**What the task asks**
The stretch from the line with "#1211 = EDGE_CURVE('',#166,#1188,#1212,.T.);" through the line with "#1224 = PCURVE('',#210,#1225);" in the records below: write it out exactly, and nothing else.

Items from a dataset
______________________________

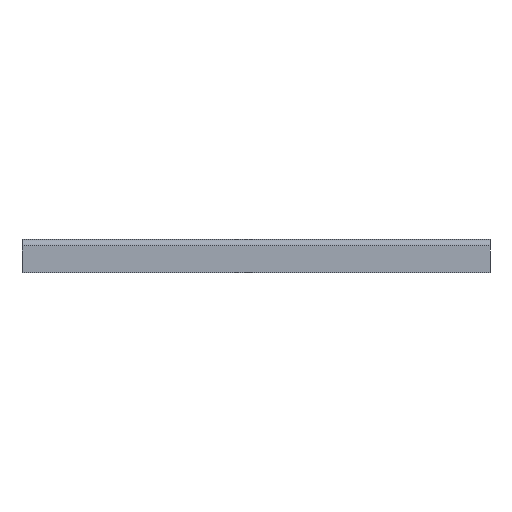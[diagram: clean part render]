
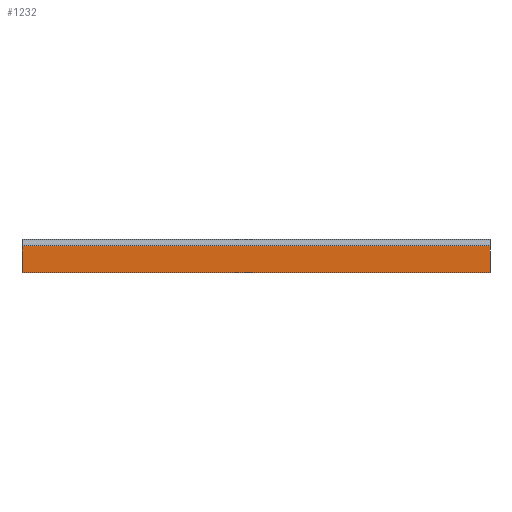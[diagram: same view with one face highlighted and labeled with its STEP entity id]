
A CAD part, top view. The second image highlights one B-rep face of the part: STEP entity #1232.
In plain terms, the highlighted planar face has unit normal (0, 0, 1).
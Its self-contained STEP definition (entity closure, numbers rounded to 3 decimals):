
#44 = PLANE('',#45);
#45 = AXIS2_PLACEMENT_3D('',#46,#47,#48);
#46 = CARTESIAN_POINT('',(5.5,274.061,239.196));
#47 = DIRECTION('',(1.,0.,0.));
#48 = DIRECTION('',(-0.,0.,1.));
#166 = VERTEX_POINT('',#167);
#167 = CARTESIAN_POINT('',(5.5,271.5,460.));
#182 = CYLINDRICAL_SURFACE('',#183,4.);
#183 = AXIS2_PLACEMENT_3D('',#184,#185,#186);
#184 = CARTESIAN_POINT('',(5.5,271.5,456.));
#185 = DIRECTION('',(-1.,-0.,-0.));
#186 = DIRECTION('',(0.,1.,0.));
#194 = EDGE_CURVE('',#166,#195,#197,.T.);
#195 = VERTEX_POINT('',#196);
#196 = CARTESIAN_POINT('',(5.5,255.,460.));
#197 = SURFACE_CURVE('',#198,(#202,#209),.PCURVE_S1.);
#198 = LINE('',#199,#200);
#199 = CARTESIAN_POINT('',(5.5,271.5,460.));
#200 = VECTOR('',#201,1.);
#201 = DIRECTION('',(0.,-1.,0.));
#202 = PCURVE('',#44,#203);
#203 = DEFINITIONAL_REPRESENTATION('',(#204),#208);
#204 = LINE('',#205,#206);
#205 = CARTESIAN_POINT('',(220.804,2.561));
#206 = VECTOR('',#207,1.);
#207 = DIRECTION('',(0.,1.));
#208 = ( GEOMETRIC_REPRESENTATION_CONTEXT(2) 
PARAMETRIC_REPRESENTATION_CONTEXT() REPRESENTATION_CONTEXT('2D SPACE',''
  ) );
#209 = PCURVE('',#210,#215);
#210 = PLANE('',#211);
#211 = AXIS2_PLACEMENT_3D('',#212,#213,#214);
#212 = CARTESIAN_POINT('',(5.5,271.5,460.));
#213 = DIRECTION('',(0.,0.,-1.));
#214 = DIRECTION('',(0.,-1.,0.));
#215 = DEFINITIONAL_REPRESENTATION('',(#216),#220);
#216 = LINE('',#217,#218);
#217 = CARTESIAN_POINT('',(0.,-0.));
#218 = VECTOR('',#219,1.);
#219 = DIRECTION('',(1.,0.));
#220 = ( GEOMETRIC_REPRESENTATION_CONTEXT(2) 
PARAMETRIC_REPRESENTATION_CONTEXT() REPRESENTATION_CONTEXT('2D SPACE',''
  ) );
#238 = PLANE('',#239);
#239 = AXIS2_PLACEMENT_3D('',#240,#241,#242);
#240 = CARTESIAN_POINT('',(5.5,255.,460.));
#241 = DIRECTION('',(-0.,1.,0.));
#242 = DIRECTION('',(0.,0.,-1.));
#520 = PLANE('',#521);
#521 = AXIS2_PLACEMENT_3D('',#522,#523,#524);
#522 = CARTESIAN_POINT('',(294.5,274.061,239.196));
#523 = DIRECTION('',(1.,0.,0.));
#524 = DIRECTION('',(-0.,0.,1.));
#1188 = VERTEX_POINT('',#1189);
#1189 = CARTESIAN_POINT('',(294.5,271.5,460.));
#1211 = EDGE_CURVE('',#166,#1188,#1212,.T.);
#1212 = SURFACE_CURVE('',#1213,(#1217,#1224),.PCURVE_S1.);
#1213 = LINE('',#1214,#1215);
#1214 = CARTESIAN_POINT('',(5.5,271.5,460.));
#1215 = VECTOR('',#1216,1.);
#1216 = DIRECTION('',(1.,0.,0.));
#1217 = PCURVE('',#182,#1218);
#1218 = DEFINITIONAL_REPRESENTATION('',(#1219),#1223);
#1219 = LINE('',#1220,#1221);
#1220 = CARTESIAN_POINT('',(-1.571,0.));
#1221 = VECTOR('',#1222,1.);
#1222 = DIRECTION('',(-0.,-1.));
#1223 = ( GEOMETRIC_REPRESENTATION_CONTEXT(2) 
PARAMETRIC_REPRESENTATION_CONTEXT() REPRESENTATION_CONTEXT('2D SPACE',''
  ) );
#1224 = PCURVE('',#210,#1225);
#1225 = DEFINITIONAL_REPRESENTATION('',(#1226),#1230);
#1226 = LINE('',#1227,#1228);
#1227 = CARTESIAN_POINT('',(0.,-0.));
#1228 = VECTOR('',#1229,1.);
#1229 = DIRECTION('',(0.,-1.));
#1230 = ( GEOMETRIC_REPRESENTATION_CONTEXT(2) 
PARAMETRIC_REPRESENTATION_CONTEXT() REPRESENTATION_CONTEXT('2D SPACE',''
  ) );
#1232 = ADVANCED_FACE('',(#1233),#210,.F.);
#1233 = FACE_BOUND('',#1234,.F.);
#1234 = EDGE_LOOP('',(#1235,#1236,#1259,#1280));
#1235 = ORIENTED_EDGE('',*,*,#1211,.T.);
#1236 = ORIENTED_EDGE('',*,*,#1237,.T.);
#1237 = EDGE_CURVE('',#1188,#1238,#1240,.T.);
#1238 = VERTEX_POINT('',#1239);
#1239 = CARTESIAN_POINT('',(294.5,255.,460.));
#1240 = SURFACE_CURVE('',#1241,(#1245,#1252),.PCURVE_S1.);
#1241 = LINE('',#1242,#1243);
#1242 = CARTESIAN_POINT('',(294.5,271.5,460.));
#1243 = VECTOR('',#1244,1.);
#1244 = DIRECTION('',(0.,-1.,0.));
#1245 = PCURVE('',#210,#1246);
#1246 = DEFINITIONAL_REPRESENTATION('',(#1247),#1251);
#1247 = LINE('',#1248,#1249);
#1248 = CARTESIAN_POINT('',(0.,-289.));
#1249 = VECTOR('',#1250,1.);
#1250 = DIRECTION('',(1.,0.));
#1251 = ( GEOMETRIC_REPRESENTATION_CONTEXT(2) 
PARAMETRIC_REPRESENTATION_CONTEXT() REPRESENTATION_CONTEXT('2D SPACE',''
  ) );
#1252 = PCURVE('',#520,#1253);
#1253 = DEFINITIONAL_REPRESENTATION('',(#1254),#1258);
#1254 = LINE('',#1255,#1256);
#1255 = CARTESIAN_POINT('',(220.804,2.561));
#1256 = VECTOR('',#1257,1.);
#1257 = DIRECTION('',(0.,1.));
#1258 = ( GEOMETRIC_REPRESENTATION_CONTEXT(2) 
PARAMETRIC_REPRESENTATION_CONTEXT() REPRESENTATION_CONTEXT('2D SPACE',''
  ) );
#1259 = ORIENTED_EDGE('',*,*,#1260,.F.);
#1260 = EDGE_CURVE('',#195,#1238,#1261,.T.);
#1261 = SURFACE_CURVE('',#1262,(#1266,#1273),.PCURVE_S1.);
#1262 = LINE('',#1263,#1264);
#1263 = CARTESIAN_POINT('',(5.5,255.,460.));
#1264 = VECTOR('',#1265,1.);
#1265 = DIRECTION('',(1.,0.,0.));
#1266 = PCURVE('',#210,#1267);
#1267 = DEFINITIONAL_REPRESENTATION('',(#1268),#1272);
#1268 = LINE('',#1269,#1270);
#1269 = CARTESIAN_POINT('',(16.5,0.));
#1270 = VECTOR('',#1271,1.);
#1271 = DIRECTION('',(0.,-1.));
#1272 = ( GEOMETRIC_REPRESENTATION_CONTEXT(2) 
PARAMETRIC_REPRESENTATION_CONTEXT() REPRESENTATION_CONTEXT('2D SPACE',''
  ) );
#1273 = PCURVE('',#238,#1274);
#1274 = DEFINITIONAL_REPRESENTATION('',(#1275),#1279);
#1275 = LINE('',#1276,#1277);
#1276 = CARTESIAN_POINT('',(0.,0.));
#1277 = VECTOR('',#1278,1.);
#1278 = DIRECTION('',(0.,-1.));
#1279 = ( GEOMETRIC_REPRESENTATION_CONTEXT(2) 
PARAMETRIC_REPRESENTATION_CONTEXT() REPRESENTATION_CONTEXT('2D SPACE',''
  ) );
#1280 = ORIENTED_EDGE('',*,*,#194,.F.);

______________________________

**Solution to the problem**
#1211 = EDGE_CURVE('',#166,#1188,#1212,.T.);
#1212 = SURFACE_CURVE('',#1213,(#1217,#1224),.PCURVE_S1.);
#1213 = LINE('',#1214,#1215);
#1214 = CARTESIAN_POINT('',(5.5,271.5,460.));
#1215 = VECTOR('',#1216,1.);
#1216 = DIRECTION('',(1.,0.,0.));
#1217 = PCURVE('',#182,#1218);
#1218 = DEFINITIONAL_REPRESENTATION('',(#1219),#1223);
#1219 = LINE('',#1220,#1221);
#1220 = CARTESIAN_POINT('',(-1.571,0.));
#1221 = VECTOR('',#1222,1.);
#1222 = DIRECTION('',(-0.,-1.));
#1223 = ( GEOMETRIC_REPRESENTATION_CONTEXT(2) 
PARAMETRIC_REPRESENTATION_CONTEXT() REPRESENTATION_CONTEXT('2D SPACE',''
  ) );
#1224 = PCURVE('',#210,#1225);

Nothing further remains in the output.